I’m not going to spend alot of time explaining why I’ve made the decision to join a crossfit class with my wife. That’s a whole other blog. I needed something to do physically, and the gym wasn’t cutting it. So there.
Waking up at 5:30 am, going out into the frigid cold to work out with 25 strangers in a crossfit class isn’t exactly a blast. But it’s what I’m doing. My wife did it as a pre-wedding weight purge plan, and it worked. And it worked well. Meanwhile, my pre-wedding workouts at the gym were less a workout and more a couple of routines I probably comparable to bringing in big bags of groceries. I wasn’t exactly pushing it.
I’ve never exactly pursued physical fitness. It was always one of those things i figured I would get around to at some point. I’ve never gotten around to it. I was the fat kid in gym class. And to understand what that’s like, well, it’s a little difficult to put into words, but try this on for size: When you’re at your must fragile in the self conscience department, when kids are really at their nothing-is-off-limits meanest, gym teachers would do the annual weigh-ins for physical fitness testing. They’d start telling the class about it a week ahead of time, and it was the most horrific day of the school year for me. When you’re the biggest kid in class, getting up on a scale in front of 35 of your classmates was like going to school naked. Looking back, it was probably the worst possible way to do it, but i don’t think the fragile psyche of an overweight 12 year old was at the forefront of gym teachers’ minds.
So here I am, at 32 years old, 20 years removed from that trauma, and I’ve consciously decided to join a group of strangers for exercise 4 days a week first thing in the morning. There are what they call burpees, an unholy little exercise that on the surface, looks harmless. It involves dropping to the floor, doing a pushup, and lifting yourself back up and ending the whole thing by clapping your hands above your head. Despite it’s non-threatening look, it is absolutely as painful as it sounds, and as looks just as ridiculous.

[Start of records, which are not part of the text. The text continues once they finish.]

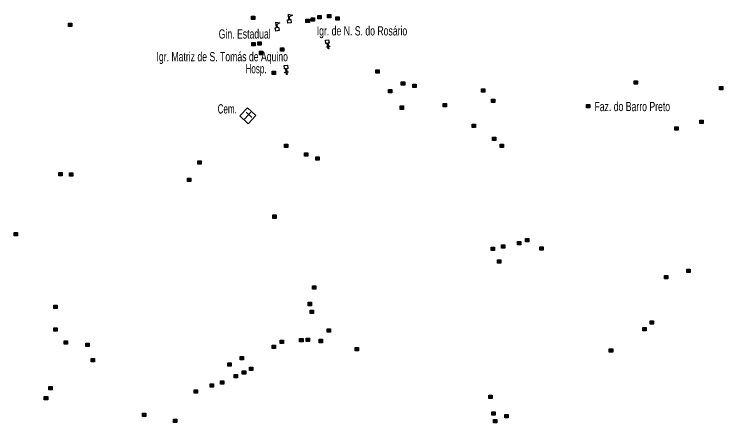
# Model space of a CAD drawing. Extents: x 265.7 to 292.1, y 7676.2 to 7704.2.
# Drawn here: x 279.25 to 285.37, y 7697.19 to 7700.73 of the extents above; entities that cross this region are included whole.
import ezdxf

# ---------------------------------------------------------------- set-up
doc = ezdxf.new("R2010")
doc.units = 0
doc.header["$LTSCALE"] = 0.032
doc.linetypes.add('MEDIUM_DASHED', pattern=[4.5, 3, -1.5])
for name, color, linetype, lineweight in [('2', 7, 'Continuous', 25), ('21', 7, 'MEDIUM_DASHED', 13), ('4', 7, 'Continuous', 25), ('6', 7, 'Continuous', 25)]:
    doc.layers.add(name, color=color, linetype=linetype, lineweight=lineweight)
doc.layers.add('61', color=7, linetype='Continuous')

msp = doc.modelspace()

# ---------------------------------------------------------------- hatches: boundary and pattern name
at = {"layer": '2'}
for points in [[(281.299, 7700.7082), (281.328, 7700.7082), (281.328, 7700.6792), (281.299, 7700.6792)], [(281.8735, 7700.7139), (281.9025, 7700.7139), (281.9025, 7700.6849), (281.8735, 7700.6849)], [(281.9558, 7700.722), (281.9848, 7700.722), (281.9848, 7700.693), (281.9558, 7700.693)], [(282.0282, 7700.7016), (282.0572, 7700.7016), (282.0572, 7700.6726), (282.0282, 7700.6726)], [(279.7179, 7700.6485), (279.7469, 7700.6485), (279.7469, 7700.6195), (279.7179, 7700.6195)], [(281.7709, 7700.6825), (281.7999, 7700.6825), (281.7999, 7700.6535), (281.7709, 7700.6535)], [(281.8163, 7700.6945), (281.8453, 7700.6945), (281.8453, 7700.6655), (281.8163, 7700.6655)], [(281.3014, 7700.4807), (281.3304, 7700.4807), (281.3304, 7700.4517), (281.3014, 7700.4517)], [(281.3553, 7700.4864), (281.3843, 7700.4864), (281.3843, 7700.4574), (281.3553, 7700.4574)], [(281.3699, 7700.4041), (281.3989, 7700.4041), (281.3989, 7700.3751), (281.3699, 7700.3751)], [(281.5506, 7700.4331), (281.5796, 7700.4331), (281.5796, 7700.4041), (281.5506, 7700.4041)], [(281.4796, 7700.2329), (281.5086, 7700.2329), (281.5086, 7700.2039), (281.4796, 7700.2039)], [(282.3738, 7700.2451), (282.4028, 7700.2451), (282.4028, 7700.2161), (282.3738, 7700.2161)], [(284.6086, 7700.1482), (284.6376, 7700.1482), (284.6376, 7700.1192), (284.6086, 7700.1192)], [(282.595, 7700.1418), (282.624, 7700.1418), (282.624, 7700.1128), (282.595, 7700.1128)], [(282.695, 7700.1207), (282.724, 7700.1207), (282.724, 7700.0917), (282.695, 7700.0917)], [(285.3454, 7700.1014), (285.3744, 7700.1014), (285.3744, 7700.0724), (285.3454, 7700.0724)], [(282.4829, 7700.074), (282.5119, 7700.074), (282.5119, 7700.045), (282.4829, 7700.045)], [(283.2875, 7700.0812), (283.3165, 7700.0812), (283.3165, 7700.0522), (283.2875, 7700.0522)], [(283.3746, 7699.99), (283.4036, 7699.99), (283.4036, 7699.961), (283.3746, 7699.961)], [(282.5837, 7699.9318), (282.6127, 7699.9318), (282.6127, 7699.9028), (282.5837, 7699.9028)], [(282.9558, 7699.9537), (282.9848, 7699.9537), (282.9848, 7699.9247), (282.9558, 7699.9247)], [(284.1945, 7699.9456), (284.2235, 7699.9456), (284.2235, 7699.9166), (284.1945, 7699.9166)], [(285.1767, 7699.8101), (285.2057, 7699.8101), (285.2057, 7699.7811), (285.1767, 7699.7811)], [(283.2075, 7699.7753), (283.2365, 7699.7753), (283.2365, 7699.7463), (283.2075, 7699.7463)], [(284.9581, 7699.7511), (284.9871, 7699.7511), (284.9871, 7699.7221), (284.9581, 7699.7221)], [(283.3826, 7699.6639), (283.4116, 7699.6639), (283.4116, 7699.6349), (283.3826, 7699.6349)], [(281.5862, 7699.6025), (281.6152, 7699.6025), (281.6152, 7699.5735), (281.5862, 7699.5735)], [(283.4504, 7699.6034), (283.4794, 7699.6034), (283.4794, 7699.5744), (283.4504, 7699.5744)], [(281.7589, 7699.5276), (281.7879, 7699.5276), (281.7879, 7699.4986), (281.7589, 7699.4986)], [(281.8558, 7699.4936), (281.8848, 7699.4936), (281.8848, 7699.4646), (281.8558, 7699.4646)], [(280.8347, 7699.459), (280.8637, 7699.459), (280.8637, 7699.43), (280.8347, 7699.43)], [(279.634, 7699.358), (279.663, 7699.358), (279.663, 7699.329), (279.634, 7699.329)], [(279.7275, 7699.3533), (279.7565, 7699.3533), (279.7565, 7699.3243), (279.7275, 7699.3243)], [(280.7468, 7699.3072), (280.7758, 7699.3072), (280.7758, 7699.2782), (280.7468, 7699.2782)], [(281.4829, 7698.9901), (281.5119, 7698.9901), (281.5119, 7698.9611), (281.4829, 7698.9611)], [(279.2482, 7698.8391), (279.2772, 7698.8391), (279.2772, 7698.8101), (279.2482, 7698.8101)], [(283.5989, 7698.76), (283.6279, 7698.76), (283.6279, 7698.731), (283.5989, 7698.731)], [(283.6692, 7698.7867), (283.6982, 7698.7867), (283.6982, 7698.7577), (283.6692, 7698.7577)], [(283.3721, 7698.7132), (283.4011, 7698.7132), (283.4011, 7698.6842), (283.3721, 7698.6842)], [(283.4617, 7698.7334), (283.4907, 7698.7334), (283.4907, 7698.7044), (283.4617, 7698.7044)], [(283.7911, 7698.7149), (283.8201, 7698.7149), (283.8201, 7698.6859), (283.7911, 7698.6859)], [(283.4263, 7698.6027), (283.4553, 7698.6027), (283.4553, 7698.5737), (283.4263, 7698.5737)], [(285.0621, 7698.5228), (285.0911, 7698.5228), (285.0911, 7698.4938), (285.0621, 7698.4938)], [(284.8701, 7698.4662), (284.8991, 7698.4662), (284.8991, 7698.4372), (284.8701, 7698.4372)], [(281.8259, 7698.3783), (281.8549, 7698.3783), (281.8549, 7698.3493), (281.8259, 7698.3493)], [(279.592, 7698.2097), (279.621, 7698.2097), (279.621, 7698.1807), (279.592, 7698.1807)], [(281.7904, 7698.2355), (281.8194, 7698.2355), (281.8194, 7698.2065), (281.7904, 7698.2065)], [(281.8073, 7698.1668), (281.8363, 7698.1668), (281.8363, 7698.1378), (281.8073, 7698.1378)], [(284.7466, 7698.0765), (284.7756, 7698.0765), (284.7756, 7698.0475), (284.7466, 7698.0475)], [(279.5913, 7698.0146), (279.6203, 7698.0146), (279.6203, 7697.9856), (279.5913, 7697.9856)], [(281.9549, 7698.0062), (281.9839, 7698.0062), (281.9839, 7697.9772), (281.9549, 7697.9772)], [(284.6828, 7698.0168), (284.7118, 7698.0168), (284.7118, 7697.9878), (284.6828, 7697.9878)], [(279.6799, 7697.9038), (279.7089, 7697.9038), (279.7089, 7697.8748), (279.6799, 7697.8748)], [(279.8679, 7697.8835), (279.8969, 7697.8835), (279.8969, 7697.8545), (279.8679, 7697.8545)], [(281.5482, 7697.9078), (281.5772, 7697.9078), (281.5772, 7697.8788), (281.5482, 7697.8788)], [(281.7161, 7697.9239), (281.7451, 7697.9239), (281.7451, 7697.8949), (281.7161, 7697.8949)], [(281.7725, 7697.9256), (281.8015, 7697.9256), (281.8015, 7697.8966), (281.7725, 7697.8966)], [(281.8856, 7697.9159), (281.9146, 7697.9159), (281.9146, 7697.8869), (281.8856, 7697.8869)], [(281.4772, 7697.8643), (281.5062, 7697.8643), (281.5062, 7697.8353), (281.4772, 7697.8353)], [(282.1955, 7697.8465), (282.2245, 7697.8465), (282.2245, 7697.8175), (282.1955, 7697.8175)], [(284.3931, 7697.8336), (284.4221, 7697.8336), (284.4221, 7697.8046), (284.3931, 7697.8046)], [(281.2021, 7697.7682), (281.2311, 7697.7682), (281.2311, 7697.7392), (281.2021, 7697.7392)], [(279.914, 7697.7496), (279.943, 7697.7496), (279.943, 7697.7206), (279.914, 7697.7206)], [(281.0947, 7697.7141), (281.1237, 7697.7141), (281.1237, 7697.6851), (281.0947, 7697.6851)], [(281.2206, 7697.6438), (281.2496, 7697.6438), (281.2496, 7697.6148), (281.2206, 7697.6148)], [(281.2827, 7697.6746), (281.3117, 7697.6746), (281.3117, 7697.6456), (281.2827, 7697.6456)], [(281.1488, 7697.6124), (281.1778, 7697.6124), (281.1778, 7697.5834), (281.1488, 7697.5834)], [(280.943, 7697.5317), (280.972, 7697.5317), (280.972, 7697.5027), (280.943, 7697.5027)], [(281.0317, 7697.556), (281.0607, 7697.556), (281.0607, 7697.527), (281.0317, 7697.527)], [(279.5475, 7697.5084), (279.5765, 7697.5084), (279.5765, 7697.4794), (279.5475, 7697.4794)], [(280.8041, 7697.4784), (280.8331, 7697.4784), (280.8331, 7697.4494), (280.8041, 7697.4494)], [(279.5088, 7697.4228), (279.5378, 7697.4228), (279.5378, 7697.3938), (279.5088, 7697.3938)], [(283.3519, 7697.4325), (283.3809, 7697.4325), (283.3809, 7697.4035), (283.3519, 7697.4035)], [(280.3586, 7697.2791), (280.3876, 7697.2791), (280.3876, 7697.2501), (280.3586, 7697.2501)], [(283.3786, 7697.2897), (283.4076, 7697.2897), (283.4076, 7697.2607), (283.3786, 7697.2607)], [(283.4908, 7697.2663), (283.5198, 7697.2663), (283.5198, 7697.2373), (283.4908, 7697.2373)], [(280.6267, 7697.225), (280.6557, 7697.225), (280.6557, 7697.196), (280.6267, 7697.196)], [(283.3908, 7697.2234), (283.4198, 7697.2234), (283.4198, 7697.1944), (283.3908, 7697.1944)]]:
    msp.add_hatch(color=256, dxfattribs=at).paths.add_polyline_path(points)

# ---------------------------------------------------------------- linework, layer by layer
for points in [[(281.299, 7700.7082), (281.328, 7700.7082), (281.328, 7700.6792), (281.299, 7700.6792)], [(281.8735, 7700.7139), (281.9025, 7700.7139), (281.9025, 7700.6849), (281.8735, 7700.6849)], [(281.9558, 7700.722), (281.9848, 7700.722), (281.9848, 7700.693), (281.9558, 7700.693)], [(282.0282, 7700.7016), (282.0572, 7700.7016), (282.0572, 7700.6726), (282.0282, 7700.6726)], [(279.7179, 7700.6485), (279.7469, 7700.6485), (279.7469, 7700.6195), (279.7179, 7700.6195)], [(281.7709, 7700.6825), (281.7999, 7700.6825), (281.7999, 7700.6535), (281.7709, 7700.6535)], [(281.8163, 7700.6945), (281.8453, 7700.6945), (281.8453, 7700.6655), (281.8163, 7700.6655)], [(281.3014, 7700.4807), (281.3304, 7700.4807), (281.3304, 7700.4517), (281.3014, 7700.4517)], [(281.3553, 7700.4864), (281.3843, 7700.4864), (281.3843, 7700.4574), (281.3553, 7700.4574)], [(281.3699, 7700.4041), (281.3989, 7700.4041), (281.3989, 7700.3751), (281.3699, 7700.3751)], [(281.5506, 7700.4331), (281.5796, 7700.4331), (281.5796, 7700.4041), (281.5506, 7700.4041)], [(281.4796, 7700.2329), (281.5086, 7700.2329), (281.5086, 7700.2039), (281.4796, 7700.2039)], [(282.3738, 7700.2451), (282.4028, 7700.2451), (282.4028, 7700.2161), (282.3738, 7700.2161)], [(284.6086, 7700.1482), (284.6376, 7700.1482), (284.6376, 7700.1192), (284.6086, 7700.1192)], [(282.595, 7700.1418), (282.624, 7700.1418), (282.624, 7700.1128), (282.595, 7700.1128)], [(282.695, 7700.1207), (282.724, 7700.1207), (282.724, 7700.0917), (282.695, 7700.0917)], [(285.3454, 7700.1014), (285.3744, 7700.1014), (285.3744, 7700.0724), (285.3454, 7700.0724)], [(282.4829, 7700.074), (282.5119, 7700.074), (282.5119, 7700.045), (282.4829, 7700.045)], [(283.2875, 7700.0812), (283.3165, 7700.0812), (283.3165, 7700.0522), (283.2875, 7700.0522)], [(283.3746, 7699.99), (283.4036, 7699.99), (283.4036, 7699.961), (283.3746, 7699.961)], [(282.5837, 7699.9318), (282.6127, 7699.9318), (282.6127, 7699.9028), (282.5837, 7699.9028)], [(282.9558, 7699.9537), (282.9848, 7699.9537), (282.9848, 7699.9247), (282.9558, 7699.9247)], [(284.1945, 7699.9456), (284.2235, 7699.9456), (284.2235, 7699.9166), (284.1945, 7699.9166)], [(285.1767, 7699.8101), (285.2057, 7699.8101), (285.2057, 7699.7811), (285.1767, 7699.7811)], [(283.2075, 7699.7753), (283.2365, 7699.7753), (283.2365, 7699.7463), (283.2075, 7699.7463)], [(284.9581, 7699.7511), (284.9871, 7699.7511), (284.9871, 7699.7221), (284.9581, 7699.7221)], [(283.3826, 7699.6639), (283.4116, 7699.6639), (283.4116, 7699.6349), (283.3826, 7699.6349)], [(281.5862, 7699.6025), (281.6152, 7699.6025), (281.6152, 7699.5735), (281.5862, 7699.5735)], [(283.4504, 7699.6034), (283.4794, 7699.6034), (283.4794, 7699.5744), (283.4504, 7699.5744)], [(281.7589, 7699.5276), (281.7879, 7699.5276), (281.7879, 7699.4986), (281.7589, 7699.4986)], [(281.8558, 7699.4936), (281.8848, 7699.4936), (281.8848, 7699.4646), (281.8558, 7699.4646)], [(280.8347, 7699.459), (280.8637, 7699.459), (280.8637, 7699.43), (280.8347, 7699.43)], [(279.634, 7699.358), (279.663, 7699.358), (279.663, 7699.329), (279.634, 7699.329)], [(279.7275, 7699.3533), (279.7565, 7699.3533), (279.7565, 7699.3243), (279.7275, 7699.3243)], [(280.7468, 7699.3072), (280.7758, 7699.3072), (280.7758, 7699.2782), (280.7468, 7699.2782)], [(281.4829, 7698.9901), (281.5119, 7698.9901), (281.5119, 7698.9611), (281.4829, 7698.9611)], [(279.2482, 7698.8391), (279.2772, 7698.8391), (279.2772, 7698.8101), (279.2482, 7698.8101)], [(283.5989, 7698.76), (283.6279, 7698.76), (283.6279, 7698.731), (283.5989, 7698.731)], [(283.6692, 7698.7867), (283.6982, 7698.7867), (283.6982, 7698.7577), (283.6692, 7698.7577)], [(283.3721, 7698.7132), (283.4011, 7698.7132), (283.4011, 7698.6842), (283.3721, 7698.6842)], [(283.4617, 7698.7334), (283.4907, 7698.7334), (283.4907, 7698.7044), (283.4617, 7698.7044)], [(283.7911, 7698.7149), (283.8201, 7698.7149), (283.8201, 7698.6859), (283.7911, 7698.6859)], [(283.4263, 7698.6027), (283.4553, 7698.6027), (283.4553, 7698.5737), (283.4263, 7698.5737)], [(285.0621, 7698.5228), (285.0911, 7698.5228), (285.0911, 7698.4938), (285.0621, 7698.4938)], [(284.8701, 7698.4662), (284.8991, 7698.4662), (284.8991, 7698.4372), (284.8701, 7698.4372)], [(281.8259, 7698.3783), (281.8549, 7698.3783), (281.8549, 7698.3493), (281.8259, 7698.3493)], [(279.592, 7698.2097), (279.621, 7698.2097), (279.621, 7698.1807), (279.592, 7698.1807)], [(281.7904, 7698.2355), (281.8194, 7698.2355), (281.8194, 7698.2065), (281.7904, 7698.2065)], [(281.8073, 7698.1668), (281.8363, 7698.1668), (281.8363, 7698.1378), (281.8073, 7698.1378)], [(284.7466, 7698.0765), (284.7756, 7698.0765), (284.7756, 7698.0475), (284.7466, 7698.0475)], [(279.5913, 7698.0146), (279.6203, 7698.0146), (279.6203, 7697.9856), (279.5913, 7697.9856)], [(281.9549, 7698.0062), (281.9839, 7698.0062), (281.9839, 7697.9772), (281.9549, 7697.9772)], [(284.6828, 7698.0168), (284.7118, 7698.0168), (284.7118, 7697.9878), (284.6828, 7697.9878)], [(279.6799, 7697.9038), (279.7089, 7697.9038), (279.7089, 7697.8748), (279.6799, 7697.8748)], [(279.8679, 7697.8835), (279.8969, 7697.8835), (279.8969, 7697.8545), (279.8679, 7697.8545)], [(281.5482, 7697.9078), (281.5772, 7697.9078), (281.5772, 7697.8788), (281.5482, 7697.8788)], [(281.7161, 7697.9239), (281.7451, 7697.9239), (281.7451, 7697.8949), (281.7161, 7697.8949)], [(281.7725, 7697.9256), (281.8015, 7697.9256), (281.8015, 7697.8966), (281.7725, 7697.8966)], [(281.8856, 7697.9159), (281.9146, 7697.9159), (281.9146, 7697.8869), (281.8856, 7697.8869)], [(281.4772, 7697.8643), (281.5062, 7697.8643), (281.5062, 7697.8353), (281.4772, 7697.8353)], [(282.1955, 7697.8465), (282.2245, 7697.8465), (282.2245, 7697.8175), (282.1955, 7697.8175)], [(284.3931, 7697.8336), (284.4221, 7697.8336), (284.4221, 7697.8046), (284.3931, 7697.8046)], [(281.2021, 7697.7682), (281.2311, 7697.7682), (281.2311, 7697.7392), (281.2021, 7697.7392)], [(279.914, 7697.7496), (279.943, 7697.7496), (279.943, 7697.7206), (279.914, 7697.7206)], [(281.0947, 7697.7141), (281.1237, 7697.7141), (281.1237, 7697.6851), (281.0947, 7697.6851)], [(281.2206, 7697.6438), (281.2496, 7697.6438), (281.2496, 7697.6148), (281.2206, 7697.6148)], [(281.2827, 7697.6746), (281.3117, 7697.6746), (281.3117, 7697.6456), (281.2827, 7697.6456)], [(281.1488, 7697.6124), (281.1778, 7697.6124), (281.1778, 7697.5834), (281.1488, 7697.5834)], [(280.943, 7697.5317), (280.972, 7697.5317), (280.972, 7697.5027), (280.943, 7697.5027)], [(281.0317, 7697.556), (281.0607, 7697.556), (281.0607, 7697.527), (281.0317, 7697.527)], [(279.5475, 7697.5084), (279.5765, 7697.5084), (279.5765, 7697.4794), (279.5475, 7697.4794)], [(280.8041, 7697.4784), (280.8331, 7697.4784), (280.8331, 7697.4494), (280.8041, 7697.4494)], [(279.5088, 7697.4228), (279.5378, 7697.4228), (279.5378, 7697.3938), (279.5088, 7697.3938)], [(283.3519, 7697.4325), (283.3809, 7697.4325), (283.3809, 7697.4035), (283.3519, 7697.4035)], [(280.3586, 7697.2791), (280.3876, 7697.2791), (280.3876, 7697.2501), (280.3586, 7697.2501)], [(283.3786, 7697.2897), (283.4076, 7697.2897), (283.4076, 7697.2607), (283.3786, 7697.2607)], [(283.4908, 7697.2663), (283.5198, 7697.2663), (283.5198, 7697.2373), (283.4908, 7697.2373)], [(280.6267, 7697.225), (280.6557, 7697.225), (280.6557, 7697.196), (280.6267, 7697.196)], [(283.3908, 7697.2234), (283.4198, 7697.2234), (283.4198, 7697.1944), (283.3908, 7697.1944)]]:
    msp.add_lwpolyline(points, close=True, dxfattribs=at)
at = {"layer": '21'}
for p, q in [((281.2942, 7699.8782), (281.2407, 7699.8194)), ((281.2526, 7699.8774), (281.3013, 7699.8325))]:
    msp.add_line(p, q, dxfattribs=at)
msp.add_lwpolyline([(281.2701, 7699.779), (281.3372, 7699.8488), (281.2664, 7699.9169), (281.1993, 7699.8471)], close=True, dxfattribs=at)
at = {"layer": '4'}
for points in [[(281.624, 7700.6769), (281.6203, 7700.7251), (281.655, 7700.7161), (281.6268, 7700.7032), (281.6288, 7700.6772)], [(281.517, 7700.6092), (281.5092, 7700.6569), (281.5445, 7700.6509), (281.5176, 7700.6357), (281.5218, 7700.6099)], [(281.6288, 7700.6772), (281.6409, 7700.678), (281.6429, 7700.6492), (281.6141, 7700.6471), (281.6119, 7700.676), (281.624, 7700.6769)], [(281.5218, 7700.6099), (281.5338, 7700.6118), (281.5383, 7700.5832), (281.5097, 7700.5787), (281.5051, 7700.6073), (281.517, 7700.6092)]]:
    msp.add_lwpolyline(points, dxfattribs=at)
at = {"layer": '6'}
for points in [[(281.955, 7700.4732), (281.943, 7700.4712), (281.9382, 7700.4997), (281.9668, 7700.5046), (281.9716, 7700.476), (281.9597, 7700.474)], [(281.9597, 7700.474), (281.9643, 7700.4473), (281.9762, 7700.4493), (281.977, 7700.4445), (281.9651, 7700.4425), (281.9678, 7700.4263), (281.9631, 7700.4255), (281.9604, 7700.4416), (281.9484, 7700.4396), (281.9476, 7700.4444), (281.9595, 7700.4465), (281.955, 7700.4732)], [(281.5968, 7700.2527), (281.5848, 7700.2515), (281.5817, 7700.2803), (281.6105, 7700.2834), (281.6136, 7700.2545), (281.6016, 7700.2533)], [(281.6016, 7700.2533), (281.6045, 7700.2263), (281.6165, 7700.2276), (281.617, 7700.2227), (281.605, 7700.2214), (281.6068, 7700.2051), (281.602, 7700.2046), (281.6002, 7700.2209), (281.5882, 7700.2196), (281.5877, 7700.2245), (281.5997, 7700.2258), (281.5968, 7700.2527)]]:
    msp.add_lwpolyline(points, dxfattribs=at)

# ---------------------------------------------------------------- texts
at = {"layer": '61'}
for s, width, p in [('Gin. Estadual', 0.7, (281.0163, 7700.5143)), ('Igr. de N. S. do Rosário', 0.7, (281.8638, 7700.5413)), ('Igr. Matriz de S. Tomás de Aquino', 0.7, (280.4787, 7700.3181)), ('Hosp.', 0.65, (281.2486, 7700.2144)), ('Faz. do Barro Preto', 0.7, (284.2649, 7699.8873)), ('Cem.', 0.65, (281.007, 7699.8671))]:
    msp.add_text(s, height=0.08, dxfattribs=dict(at, width=width)).set_placement(p)

doc.saveas('drawing.dxf')

There is of course, running. Which, even those who run marathons will say isn’t exactly an “enjoyable” exercise. I’ve never understood the appeal, and my wife has tried relentlessly to explain it to me. And here we are……..running. Great. I’m 15 yards behind everyone. I’d done what i had always done, which was scan the group beforehand and try desperately to find someone I thought I’d finish ahead of. I’d found him, and we’ll call him Marcus. And now Marcus was 15 yards ahead of me. I was last. It was 1992, and I was in 6th grade all over again. It’s ok though. There’s a difference this time, it seems.
In years past, I may have bailed out. I’d have done a few laps, found a reason i needed to quit-you know, because it’s getting cold-but here there’s some sort of push from the trainers that kept me moving. This isn’t boot camp, and there’s no screaming. It’s a positive, methodical approach that I realized is why so many of these people have come back. It’s why my wife has been raving about it for months, and telling me that going to the gym after crossfit just wasn’t the same. These trainers are as encouraging to me as they are to the first person to finish the warm up run. So this, this might be the environment I’ve needed for so long. It’s an even playing field for everyone, at every level. I think I speak for most of the big kids in gym class-that’s really all we’ve ever wanted.